Prince Harry.

Prince Harry wins first round of High Court libel battle in latest in security saga

A HIGH COURT judge has ruled that an article about Prince Harry’s legal claim against the Home Office was defamatory.

The piece was published in February under the headline: “Exclusive: How Prince Harry tried to keep his legal fight with the government over police bodyguards a secret… then – just minutes after the story broke – his PR machine tried to put a positive spin on the dispute.”

Lawyers for the Prince argued that the article meant that Harry had “lied”, had “improperly and cynically” tried to manipulate public opinion and had “tried to keep his legal fight with Government secret from the public” and, therefore, the article was defamatory.

Justin Rushbrooke QC, for Harry, said: “Allegations that a person has lied to the public, manipulated the public and attempted to keep secret which ought properly to be public are serious ones which tend to lower him in the eyes of right-thinking people.”

ANL’s Lawyers argued that the article was not defamatory.

Andrew Caldecott QC, for ANL, said: “The article does allege that the claimant’s PR team spun the story, or added a gloss unduly favourable to the claimant, which led to inaccurate reporting and confusion about the nature of the claim.

“It does not allege dishonesty against them.”

Following the arguments, Justice Nicklin found pin a ruling on Friday that parts of the article in the claim were defamatory.

Discussing one of the meanings of the article, Justice Nicklin said: “[A reader would think Harry] was responsible for public statements, issued on his behalf, which claimed that he was willing to pay for police protection in the UK, and that his legal challenge was to the Government’s refusal to permit him to do so, whereas the true position, as revealed in documents filed in the legal proceedings, was that he had only made the offer to pay after the proceedings had commenced.”

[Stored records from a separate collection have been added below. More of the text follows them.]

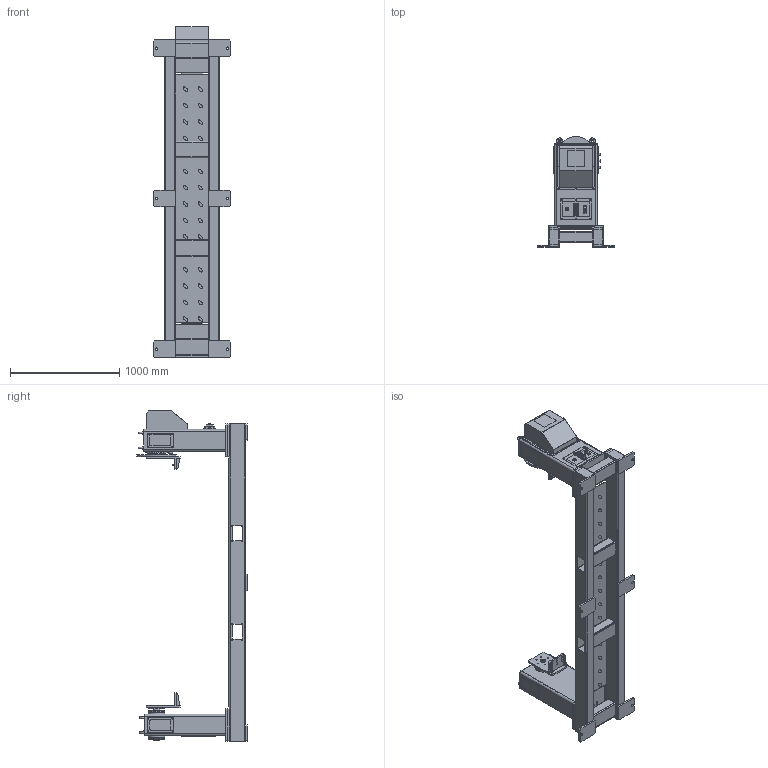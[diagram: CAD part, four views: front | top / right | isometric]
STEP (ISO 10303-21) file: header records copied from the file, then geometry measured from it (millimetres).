
FILE_DESCRIPTION (( 'STEP AP203' ), '1' );
FILE_NAME ('AUT-SWP-ZW-500(拸曹弇遺).STEP', '2020-04-26T01:27:31', ( 'Microsoft' ), ( 'Microsoft' ), 'SwSTEP 2.0', 'SolidWorks 2016', '' );
FILE_SCHEMA (( 'CONFIG_CONTROL_DESIGN' ));
Length unit declared in the file: millimetre
Products named in the file (35): 眻盄傷赽; 華盄肣堵; 曹弇遺隅弇种; 埴袪幗赽粣創32911; 諷秶啣; 紱釬碟啣; GB／T6170-20001型六角螺母A级和B级M10; 揤裔; 抯芃釱(陔); 諷秶碟謂結啣; 躇猾啣; 淕极菁釱(源奪倰); AUT-SWP-ZW-500(拸曹弇遺); 帣眊隙蛌粣; GB825-88吊环螺钉M12×22; 翋眊誘欶(準梓); 翋粣眊(陔); GB／T812-1988M42-1.5圆螺母_M42×1.5; 翋眊蚾饜芞; L啣-ZX; RV-40E; L啣-WX; 帣眊(陔); 蜇輪假蚾啣; 熬厒儂粣蜊婖; 瑤脣縐裔啣; 粣創弅; 8郋瑤脣; SGMGV-09ADC6E; 帣眊蚾饜; 旮僱⑩粣創61911; 笭倰瑤脣譫; 侜督萇儂假蚾釱; 菁釱裔啣; 粣創路杶
Assembly tree (47 placements, depth 4):
  AUT-SWP-ZW-500(拸曹弇遺)
    淕极菁釱(源奪倰)
    翋眊蚾饜芞
      翋粣眊(陔)
      RV-40E
      熬厒儂粣蜊婖
      SGMGV-09ADC6E
      侜督萇儂假蚾釱
      華盄肣堵
      紱釬碟啣
      躇猾啣
      翋眊誘欶(準梓)
      L啣-ZX
      諷秶啣
        蜇輪假蚾啣
        8郋瑤脣
        笭倰瑤脣譫
        眻盄傷赽
      諷秶碟謂結啣
      抯芃釱(陔)
      GB825-88吊环螺钉M12×22  x2
    帣眊蚾饜
      帣眊(陔)
      粣創弅  x2
      旮僱⑩粣創61911  x2
      粣創路杶  x2
      埴袪幗赽粣創32911  x2
      揤裔  x2
      帣眊隙蛌粣
      GB／T812-1988M42-1.5圆螺母_M42×1.5  x2
      L啣-WX
      諷秶碟謂結啣  x2
      GB825-88吊环螺钉M12×22  x2
      瑤脣縐裔啣
    菁釱裔啣
    曹弇遺隅弇种  x2
    GB／T6170-20001型六角螺母A级和B级M10  x2
Bounding box: 700 x 1009 x 3021.5 mm (x, y, z)
Volume: 54341737.4 mm3; surface area: 15872946.6 mm2
Topology: 101 solids, 103 shells, 2720 faces, 7146 edges, 4760 vertices
Faces by surface type: plane 1382, cylinder 840, cone 261, bspline 200, torus 37
Full cylindrical faces by diameter (mm): 2.175 x8, 2.5 x4, 3 x4, 3.2 x4, 3.5 x24, 4 x4, 4.2 x28, 4.4 x4, 4.5 x4, 5 x7, 6 x4, 6.5 x36, 6.6 x4, 6.647 x6, 6.8 x42, 7 x5, 8 x8, 8.5 x1, 8.8 x4, 9 x70, 10 x9, 10.2 x12, 11 x8, 11.835 x6, 12 x10, 13 x17, 13.5 x12, 15 x12, 16 x2, 18 x1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
Entity records: 90851 total; most frequent: CARTESIAN_POINT 29875, ORIENTED_EDGE 11312, DIRECTION 10524, EDGE_CURVE 5656, VERTEX_POINT 4152, EDGE_LOOP 3964, AXIS2_PLACEMENT_3D 3730, VECTOR 3064
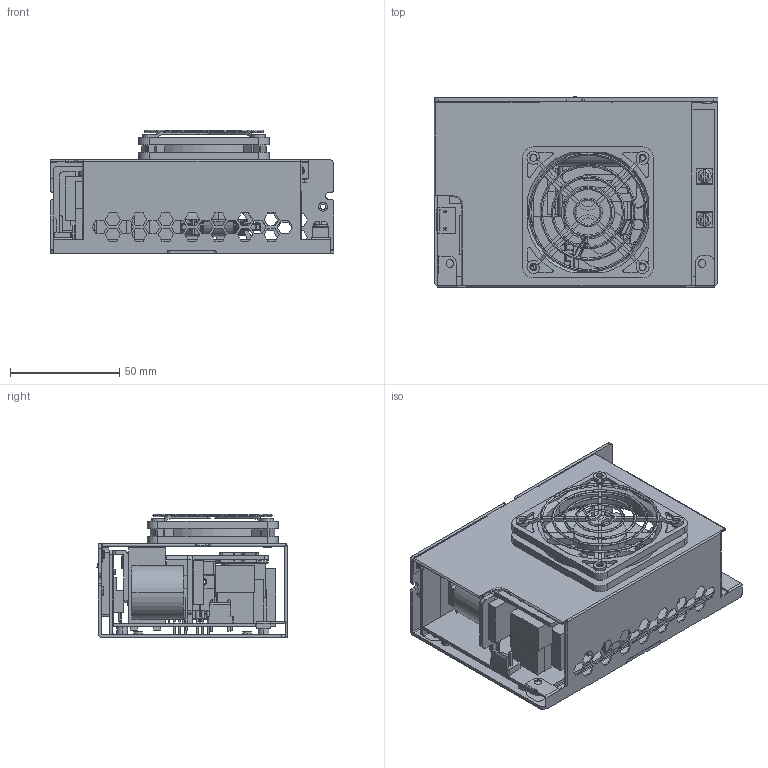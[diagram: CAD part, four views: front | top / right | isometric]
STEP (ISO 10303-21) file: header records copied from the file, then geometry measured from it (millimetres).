
FILE_DESCRIPTION(('Creo Elements/Direct Modeling STEP Export'),'2;1');
FILE_NAME('500.stp','2021-01-26T 9:55:40',(''),(''),'PTC Creo Elements/Direct Modeling STEP processor for AP214 (Solid Model)','PTC Creo Elements/Direct Modeling 19.0 09-May-2014 (C) Parametric Technology GmbH','');
FILE_SCHEMA(('AUTOMOTIVE_DESIGN { 1 0 10303 214 1 1 1 1 }'));
Length unit declared in the file: millimetre
Products named in the file (47): PCB板; 温度开关.1; x电容; 温度开关; 继电器; X电容; U型卡扣; TO220(2); BD1; LF1; LF3; LF2; 1HH135.4x32-3R5; T1; PIN2-2; HS3; HS-SZ083; L1; HS2; HS-SZ085; HS-SZ089; 1GG2MHSSZ007; PCB-A板; C2; C1; 板; PCB-C板; 8_2.PRT; P1_1.PRT; JS1120R_1.ASM; JS1120R_1_1.PRT; A1.ASM; R.PRT; fan_a.1.1; FAN_4715KL40WB30_2; FAN-ALL; RPS-500-TF; PCB; RPS-500-SF; HS-SZ080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
Assembly tree (53 placements, depth 5):
  a1
    top
    CASE
      RPS-500-C
        269A-D
      RPS-500
        HS-SZ080
      RPS-500-SF
    PCB
      RPS-500-TF
        FAN-ALL
          FAN_4715KL40WB30_2
          fan_a.1.1
      R.PRT  x2
      A1.ASM
        JS1120R_1_1.PRT
        JS1120R_1.ASM
          P1_1.PRT
          8_2.PRT  x2
      PCB-C板
        板
        C1
        C2
      PCB-A板
        1GG2MHSSZ007
        HS-SZ089
        HS-SZ085
          HS2
          PIN2-2
        U型卡扣  x2
        L1
        HS-SZ083
          HS3
          PIN2-2
        T1
          T1
        1HH135.4x32-3R5
        LF2
        LF3
        LF1
        BD1
        TO220(2)  x4
        X电容
        继电器
        温度开关
        x电容
        温度开关.1
        PCB板
Bounding box: 130.01 x 87.1 x 56.54 mm (x, y, z)
Volume: 151440.3 mm3; surface area: 161105.1 mm2
Topology: 38 solids, 38 shells, 2321 faces, 6098 edges, 3830 vertices
Faces by surface type: plane 1134, cylinder 832, torus 230, bspline 51, sphere 48, cone 26
Entity records: 74614 total; most frequent: CARTESIAN_POINT 20884, ORIENTED_EDGE 11340, DIRECTION 10515, EDGE_CURVE 5670, AXIS2_PLACEMENT_3D 3615, VERTEX_POINT 3594, VECTOR 3285, LINE 3285
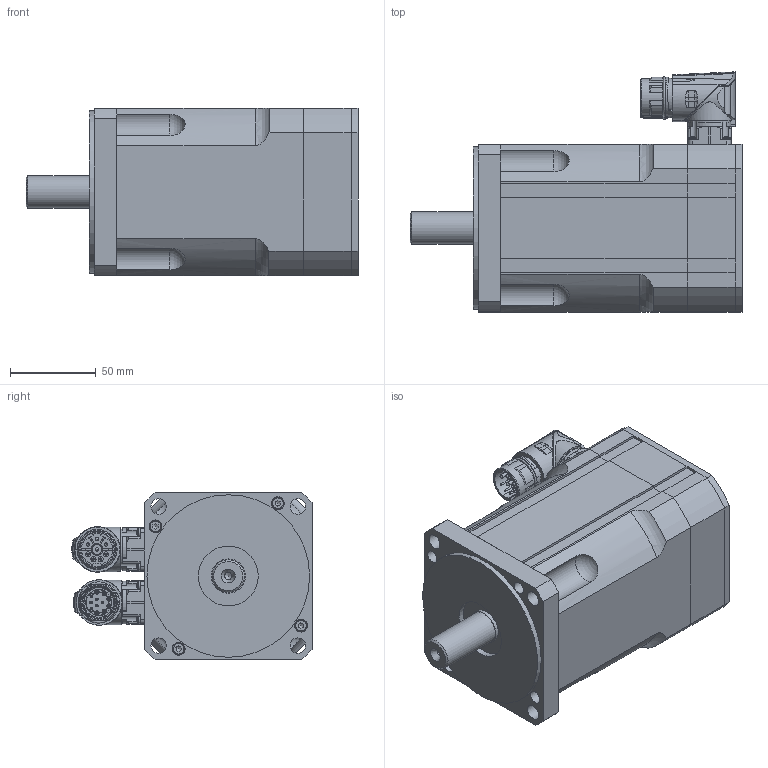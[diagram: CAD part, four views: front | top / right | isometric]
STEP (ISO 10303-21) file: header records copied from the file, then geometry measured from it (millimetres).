
FILE_DESCRIPTION(/* description */ (''),/* implementation_level */ '2;1');
FILE_NAME(/* name */ 'MR6342-Ux-Nxx-G01-A0D-MS-P0.stp',/* time_stamp */ '2017-10-04T12:19:51+02:00',/* author */ (''),/* organization */ (''),/* preprocessor_version */ 'ST-DEVELOPER v16.13',/* originating_system */ 'Autodesk Inventor 2018',/* authorisation */ '');
FILE_SCHEMA (('AUTOMOTIVE_DESIGN { 1 0 10303 214 3 1 1 }'));
Products named in the file (9): MR6342_G01_A0D_MS; MR6342_G01_A0D_MS_front; MR6342_G01_A0D_MS_P0; AED_0201_12-polig, Stift; 124888; 127323; BED_0201_8-polig, Stift; Basis 2; Basis 11
Assembly tree (8 placements, depth 3):
  MR6342_G01_A0D_MS
    MR6342_G01_A0D_MS_front
    MR6342_G01_A0D_MS_P0
    AED_0201_12-polig, Stift
      124888
      127323
    BED_0201_8-polig, Stift
      Basis 2
      Basis 11
Bounding box: 194 x 140.38 x 98.04 mm (x, y, z)
Volume: 657636.7 mm3; surface area: 178729.8 mm2
Topology: 6 solids, 6 shells, 1770 faces, 4353 edges, 2622 vertices
Faces by surface type: cylinder 793, plane 489, bspline 251, cone 126, torus 73, sphere 38
Full cylindrical faces by diameter (mm): 1 x16, 1.18 x12, 1.2 x12, 1.3 x4, 2 x4, 2.013 x2, 2.208 x8, 2.4 x8, 2.459 x4, 2.5 x8, 2.7 x4, 3 x5, 3.1 x4, 3.2 x1, 3.242 x4, 3.3 x3, 3.95 x4, 4 x4, 4.134 x1, 4.3 x4, 4.5 x2, 5 x8, 5.5 x2, 5.8 x1, 5.9 x2, 6.5 x3, 6.8 x1, 7 x4, 7.5 x4, 8 x4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
Entity records: 63645 total; most frequent: CARTESIAN_POINT 22653, DIRECTION 8066, ORIENTED_EDGE 7856, EDGE_CURVE 3928, AXIS2_PLACEMENT_3D 3365, VERTEX_POINT 2516, EDGE_LOOP 2234, STYLED_ITEM 1768

Justice Nicklin found that very much of article’s “object was to mislead the public”.

He said: “It may be possible to ‘spin’ facts in a way that does not mislead, but the allegation being made in the article was very much that the object was to mislead the public.

“That supplies the necessary element to make the meanings defamatory at common law.”

Prince Harry

The ruling is the latest win for the Prince in the courts. (Image: GETTY)

He said: “Read as a whole, the article was quite clear that he was seeking certain confidentiality restrictions in relation to ‘documents and witness statements’ in the proceedings, not blanket secrecy on the whole claim.”

He found that an ordinary reader would have understood the article to mean that the Duke of Sussex “had initially sought confidentiality restrictions that were far-reaching and unjustifiably wide and were rightly challenged by the Home Office”.

Friday’s judgment only relates to the “objective meaning” of the article, Mr Justice Nicklin said, adding it is the first stage in the libel claim.